* [Instructions to follow]: An exact transcription of every record is needed, leaving out the pictures.

* [Data for this task]:
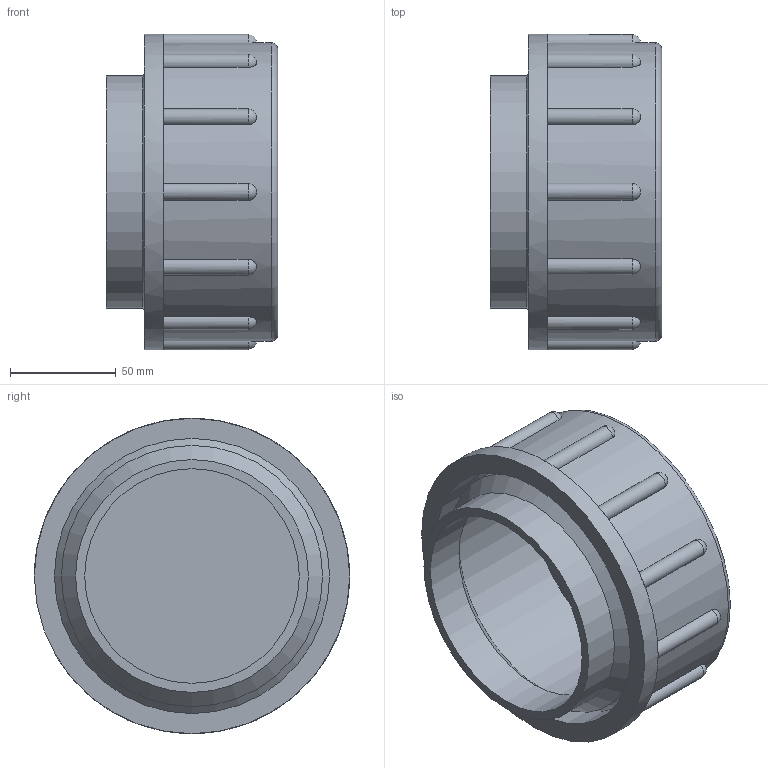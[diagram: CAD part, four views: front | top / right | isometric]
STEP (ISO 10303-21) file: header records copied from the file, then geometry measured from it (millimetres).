
FILE_DESCRIPTION(/* description */ (''),/* implementation_level */ '2;1');
FILE_NAME(/* name */ 'Z:\Geberit\Export\NewStep\Gewindest. m. Verschlk._Iassembly\stp\367750.stp',/* time_stamp */ '2014-04-03T17:41:24+02:00',/* author */ ('Marco'),/* organization */ (''),/* preprocessor_version */ 'ST-DEVELOPER v15.2',/* originating_system */ 'Autodesk Inventor 2014',/* authorisation */ '');
FILE_SCHEMA (('AUTOMOTIVE_DESIGN { 1 0 10303 214 3 1 1 }'));
Length unit declared in the file: millimetre
Products named in the file (3): 367784; 367785; 367750
Bounding box: 81 x 149 x 149 mm (x, y, z)
Volume: 459063.8 mm3; surface area: 148620.6 mm2
Topology: 2 solids, 2 shells, 55 faces, 152 edges, 89 vertices
Faces by surface type: cylinder 21, plane 16, sphere 12, cone 5, torus 1
Full cylindrical faces by diameter (mm): 101.4 x1, 110 x1, 111.5 x1, 123.4 x2, 130 x2, 141 x1, 149 x1
Entity records: 1947 total; most frequent: CARTESIAN_POINT 538, DIRECTION 298, ORIENTED_EDGE 250, AXIS2_PLACEMENT_3D 137, EDGE_CURVE 125, VERTEX_POINT 89, CIRCLE 77, EDGE_LOOP 72
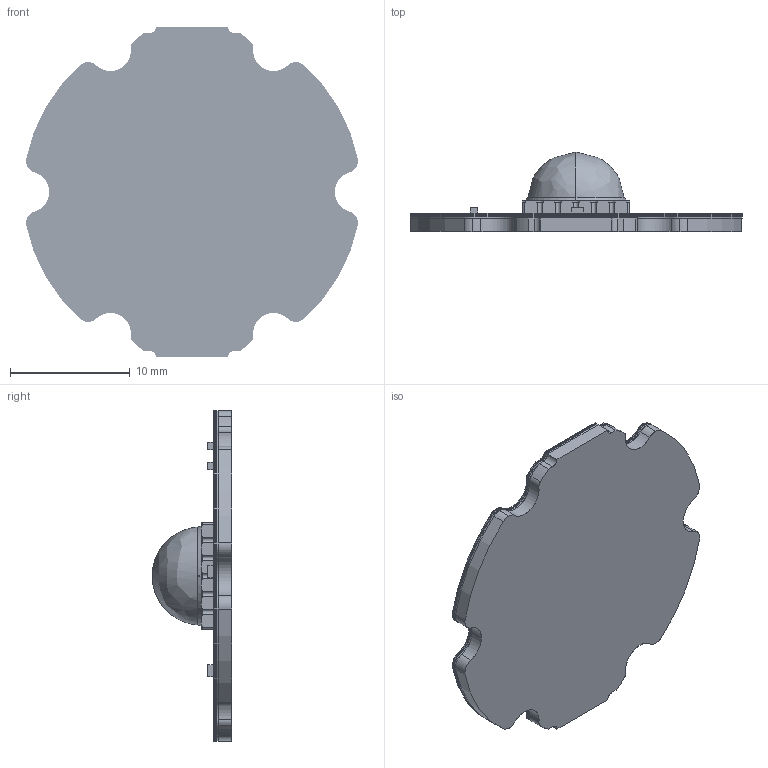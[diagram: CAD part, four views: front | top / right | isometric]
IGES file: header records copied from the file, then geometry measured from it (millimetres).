
Start section: SolidWorks IGES file using analytic representation for surfaces
Global section: file name: C:\P-Gold\Projects\MCPCBs\For_09x09_12die_LZC\1900-0080-RBN\Applications\release_LZC-B3MA07-P3_RevA1_12-17-12\LZC-B3MA07-P3_LZC-RGBA_MCPCB_RevA1.IGS; native system: SolidWorks 2011; preprocessor: SolidWorks 2011; author: dadebiyi; date: 121217.111632; units: millimetre
Bounding box: 27.77 x 6.66 x 27.62 mm (x, y, z)
Surface area: 6609.6 mm2 (no closed solid volume)
Topology: 0 solids, 0 shells, 3145 faces, 31193 edges, 31187 vertices
Faces by surface type: bspline 1960, revolution 1185
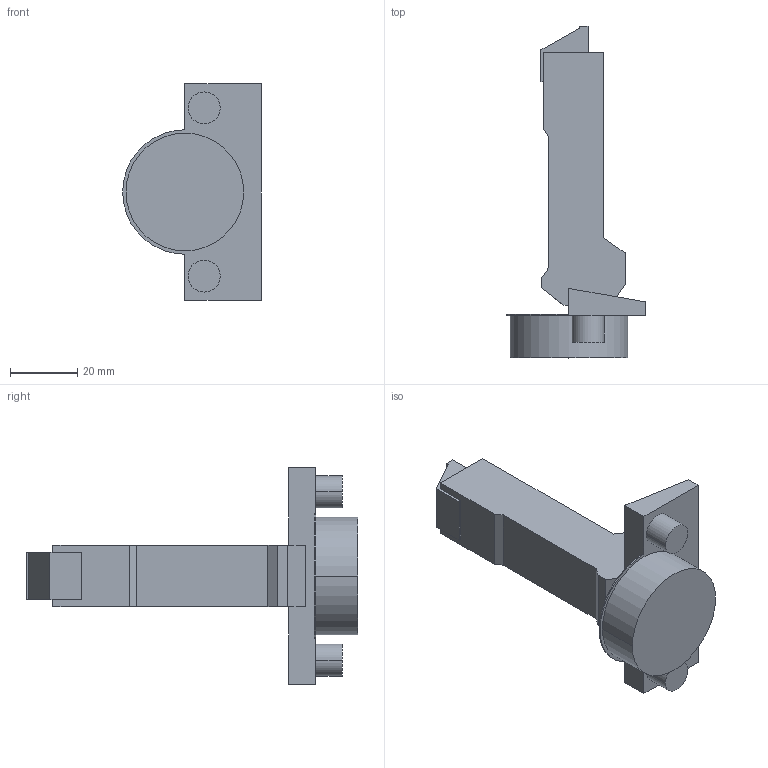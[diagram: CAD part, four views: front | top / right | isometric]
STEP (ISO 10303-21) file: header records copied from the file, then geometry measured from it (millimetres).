
FILE_DESCRIPTION (( 'STEP AP214' ), '1' );
FILE_NAME ('Scharnier TT Impresso 110° HS_BB, K95.step', '2010-12-06T09:55:01', ( 'grass' ), ( '' ), 'SwSTEP 2.0', 'SolidWorks 2010', '' );
FILE_SCHEMA (( 'AUTOMOTIVE_DESIGN' ));
Length unit declared in the file: millimetre
Products named in the file (1): Scharnier TT Impresso 110° HS_BB, K95
Bounding box: 41.25 x 98.7 x 64.5 mm (x, y, z)
Volume: 47070.7 mm3; surface area: 12940.6 mm2
Topology: 1 solids, 3 shells, 59 faces, 141 edges, 94 vertices
Faces by surface type: plane 42, cylinder 17
Entity records: 1739 total; most frequent: CARTESIAN_POINT 295, DIRECTION 295, ORIENTED_EDGE 282, EDGE_CURVE 141, LINE 107, VECTOR 107, AXIS2_PLACEMENT_3D 94, VERTEX_POINT 94
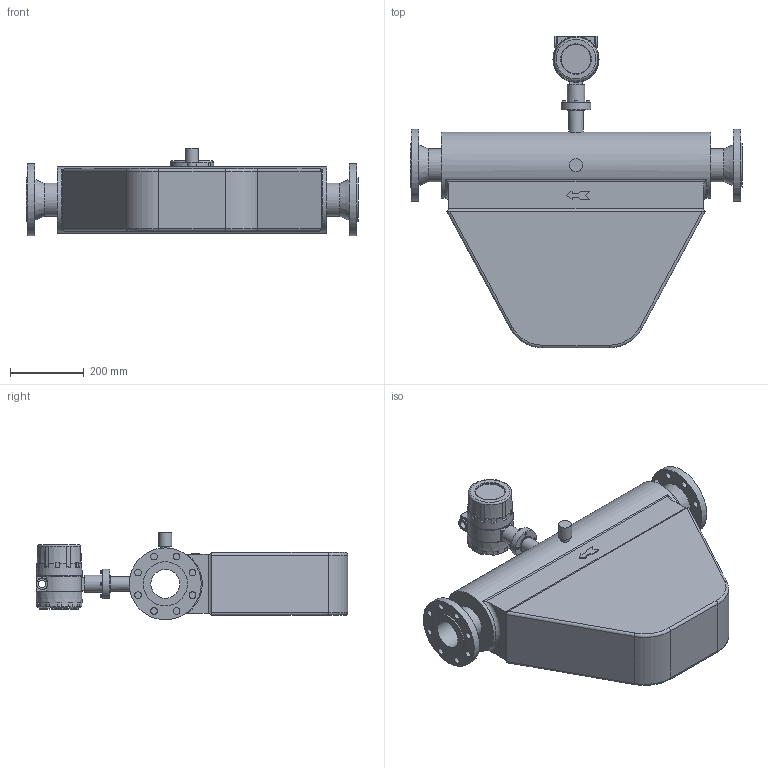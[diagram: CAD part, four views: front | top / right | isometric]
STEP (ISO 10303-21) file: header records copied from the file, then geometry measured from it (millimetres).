
FILE_DESCRIPTION(('STEP AP203'), '1');
FILE_NAME('Äó 80 - 4 ÌÏà - 100 Ñ', '', ('UNSPECIFIED'), ('UNSPECIFIED'), 'ASCON STEP Converter 1.6', 'ASCON Math Kernel', '');
FILE_SCHEMA(('CONFIG_CONTROL_DESIGN'));
Length unit declared in the file: millimetre
Products named in the file (1): Äó 80Ê äî 4 ÌÏà
Bounding box: 900 x 845 x 237.5 mm (x, y, z)
Volume: 55289437.6 mm3; surface area: 1522767.7 mm2
Topology: 1 solids, 1 shells, 380 faces, 954 edges, 591 vertices
Faces by surface type: plane 205, cylinder 103, cone 52, torus 12, bspline 4, sphere 4
Full cylindrical faces by diameter (mm): 6.35 x4, 9.525 x4, 18 x16, 20 x1, 25 x1, 32 x2, 35 x1, 40 x1, 46 x1, 47 x1, 78 x1, 80 x2, 90 x2, 120 x2, 180 x1, 195 x2
Entity records: 16127 total; most frequent: CARTESIAN_POINT 4271, DIRECTION 1816, ORIENTED_EDGE 1758, EDGE_CURVE 879, AXIS2_PLACEMENT_3D 711, VERTEX_POINT 587, EDGE_LOOP 502, FACE_BOUND 411

* [Response below]:
[diagram: CAD part, four views: front | top / right | isometric]
STEP (ISO 10303-21) file: header records copied from the file, then geometry measured from it (millimetres).
FILE_DESCRIPTION(/* description */ (''),/* implementation_level */ '2;1');
FILE_NAME(/* name */ 'Z:\Geberit\Export\NewStep\Gewindest. m. Verschlk._Iassembly\stp\367750.stp',/* time_stamp */ '2014-04-03T17:41:24+02:00',/* author */ ('Marco'),/* organization */ (''),/* preprocessor_version */ 'ST-DEVELOPER v15.2',/* originating_system */ 'Autodesk Inventor 2014',/* authorisation */ '');
FILE_SCHEMA (('AUTOMOTIVE_DESIGN { 1 0 10303 214 3 1 1 }'));
Length unit declared in the file: millimetre
Products named in the file (3): 367784; 367785; 367750
Bounding box: 81 x 149 x 149 mm (x, y, z)
Volume: 459063.8 mm3; surface area: 148620.6 mm2
Topology: 2 solids, 2 shells, 55 faces, 152 edges, 89 vertices
Faces by surface type: cylinder 21, plane 16, sphere 12, cone 5, torus 1
Full cylindrical faces by diameter (mm): 101.4 x1, 110 x1, 111.5 x1, 123.4 x2, 130 x2, 141 x1, 149 x1
Entity records: 1947 total; most frequent: CARTESIAN_POINT 538, DIRECTION 298, ORIENTED_EDGE 250, AXIS2_PLACEMENT_3D 137, EDGE_CURVE 125, VERTEX_POINT 89, CIRCLE 77, EDGE_LOOP 72
[diagram: CAD part, four views: front | top / right | isometric]
IGES file: header records copied from the file, then geometry measured from it (millimetres).
Start section: SolidWorks IGES file using analytic representation for surfaces
Global section: file name: C:\P-Gold\Projects\MCPCBs\For_09x09_12die_LZC\1900-0080-RBN\Applications\release_LZC-B3MA07-P3_RevA1_12-17-12\LZC-B3MA07-P3_LZC-RGBA_MCPCB_RevA1.IGS; native system: SolidWorks 2011; preprocessor: SolidWorks 2011; author: dadebiyi; date: 121217.111632; units: millimetre
Bounding box: 27.77 x 6.66 x 27.62 mm (x, y, z)
Surface area: 6609.6 mm2 (no closed solid volume)
Topology: 0 solids, 0 shells, 3145 faces, 31193 edges, 31187 vertices
Faces by surface type: bspline 1960, revolution 1185
[diagram: CAD part, four views: front | top / right | isometric]
STEP (ISO 10303-21) file: header records copied from the file, then geometry measured from it (millimetres).
FILE_DESCRIPTION (( 'STEP AP214' ), '1' );
FILE_NAME ('Scharnier TT Impresso 110° HS_BB, K95.step', '2010-12-06T09:55:01', ( 'grass' ), ( '' ), 'SwSTEP 2.0', 'SolidWorks 2010', '' );
FILE_SCHEMA (( 'AUTOMOTIVE_DESIGN' ));
Length unit declared in the file: millimetre
Products named in the file (1): Scharnier TT Impresso 110° HS_BB, K95
Bounding box: 41.25 x 98.7 x 64.5 mm (x, y, z)
Volume: 47070.7 mm3; surface area: 12940.6 mm2
Topology: 1 solids, 3 shells, 59 faces, 141 edges, 94 vertices
Faces by surface type: plane 42, cylinder 17
Entity records: 1739 total; most frequent: CARTESIAN_POINT 295, DIRECTION 295, ORIENTED_EDGE 282, EDGE_CURVE 141, LINE 107, VECTOR 107, AXIS2_PLACEMENT_3D 94, VERTEX_POINT 94
[diagram: CAD part, four views: front | top / right | isometric]
STEP (ISO 10303-21) file: header records copied from the file, then geometry measured from it (millimetres).
FILE_DESCRIPTION(('STEP AP203'), '1');
FILE_NAME('Äó 80 - 4 ÌÏà - 100 Ñ', '', ('UNSPECIFIED'), ('UNSPECIFIED'), 'ASCON STEP Converter 1.6', 'ASCON Math Kernel', '');
FILE_SCHEMA(('CONFIG_CONTROL_DESIGN'));
Length unit declared in the file: millimetre
Products named in the file (1): Äó 80Ê äî 4 ÌÏà
Bounding box: 900 x 845 x 237.5 mm (x, y, z)
Volume: 55289437.6 mm3; surface area: 1522767.7 mm2
Topology: 1 solids, 1 shells, 380 faces, 954 edges, 591 vertices
Faces by surface type: plane 205, cylinder 103, cone 52, torus 12, bspline 4, sphere 4
Full cylindrical faces by diameter (mm): 6.35 x4, 9.525 x4, 18 x16, 20 x1, 25 x1, 32 x2, 35 x1, 40 x1, 46 x1, 47 x1, 78 x1, 80 x2, 90 x2, 120 x2, 180 x1, 195 x2
Entity records: 16127 total; most frequent: CARTESIAN_POINT 4271, DIRECTION 1816, ORIENTED_EDGE 1758, EDGE_CURVE 879, AXIS2_PLACEMENT_3D 711, VERTEX_POINT 587, EDGE_LOOP 502, FACE_BOUND 411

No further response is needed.